TASK ITEM: In the listing that follows, retype every line from the first through the one containing "50 diameter of C1". Pictures are to be left out.
◇ ◇ ◇ ◇ ◇
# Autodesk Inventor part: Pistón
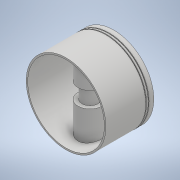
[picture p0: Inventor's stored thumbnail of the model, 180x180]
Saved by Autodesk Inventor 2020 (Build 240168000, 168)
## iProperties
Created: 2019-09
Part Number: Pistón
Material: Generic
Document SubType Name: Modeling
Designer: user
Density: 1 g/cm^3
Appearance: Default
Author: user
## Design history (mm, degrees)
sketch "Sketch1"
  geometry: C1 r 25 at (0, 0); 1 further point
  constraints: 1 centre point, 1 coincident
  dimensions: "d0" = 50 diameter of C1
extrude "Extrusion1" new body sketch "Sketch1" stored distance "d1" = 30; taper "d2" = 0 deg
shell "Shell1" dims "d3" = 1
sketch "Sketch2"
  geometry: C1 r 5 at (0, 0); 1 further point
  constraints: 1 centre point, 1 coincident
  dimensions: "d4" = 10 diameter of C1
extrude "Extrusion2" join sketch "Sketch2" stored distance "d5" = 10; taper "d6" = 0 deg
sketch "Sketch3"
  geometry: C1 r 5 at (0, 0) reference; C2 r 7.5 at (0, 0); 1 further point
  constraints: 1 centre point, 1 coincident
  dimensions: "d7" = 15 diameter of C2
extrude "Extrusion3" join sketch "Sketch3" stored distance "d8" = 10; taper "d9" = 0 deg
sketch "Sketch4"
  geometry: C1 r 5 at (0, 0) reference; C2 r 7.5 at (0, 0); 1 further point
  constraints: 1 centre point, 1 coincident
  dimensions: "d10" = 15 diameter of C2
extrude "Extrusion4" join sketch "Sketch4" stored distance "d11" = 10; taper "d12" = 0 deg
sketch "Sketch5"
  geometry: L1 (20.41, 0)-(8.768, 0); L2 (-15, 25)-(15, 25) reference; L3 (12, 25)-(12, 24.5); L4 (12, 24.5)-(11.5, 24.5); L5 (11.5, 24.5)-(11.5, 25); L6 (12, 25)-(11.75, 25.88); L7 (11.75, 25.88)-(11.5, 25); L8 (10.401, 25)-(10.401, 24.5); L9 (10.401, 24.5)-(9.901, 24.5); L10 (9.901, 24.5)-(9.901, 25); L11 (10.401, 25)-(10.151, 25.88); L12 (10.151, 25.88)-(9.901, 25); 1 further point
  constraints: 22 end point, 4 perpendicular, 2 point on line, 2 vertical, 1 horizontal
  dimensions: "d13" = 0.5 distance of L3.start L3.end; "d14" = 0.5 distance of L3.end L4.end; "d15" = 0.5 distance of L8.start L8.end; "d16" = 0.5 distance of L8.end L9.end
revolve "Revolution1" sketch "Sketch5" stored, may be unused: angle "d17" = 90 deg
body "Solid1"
◇ ◇ ◇ ◇ ◇
ANSWER BOX:
# Autodesk Inventor part: Pistón
[picture p0: Inventor's stored thumbnail of the model, 180x180]
Saved by Autodesk Inventor 2020 (Build 240168000, 168)
## iProperties
Created: 2019-09
Part Number: Pistón
Material: Generic
Document SubType Name: Modeling
Designer: user
Density: 1 g/cm^3
Appearance: Default
Author: user
## Design history (mm, degrees)
sketch "Sketch1"
  geometry: C1 r 25 at (0, 0); 1 further point
  constraints: 1 centre point, 1 coincident
  dimensions: "d0" = 50 diameter of C1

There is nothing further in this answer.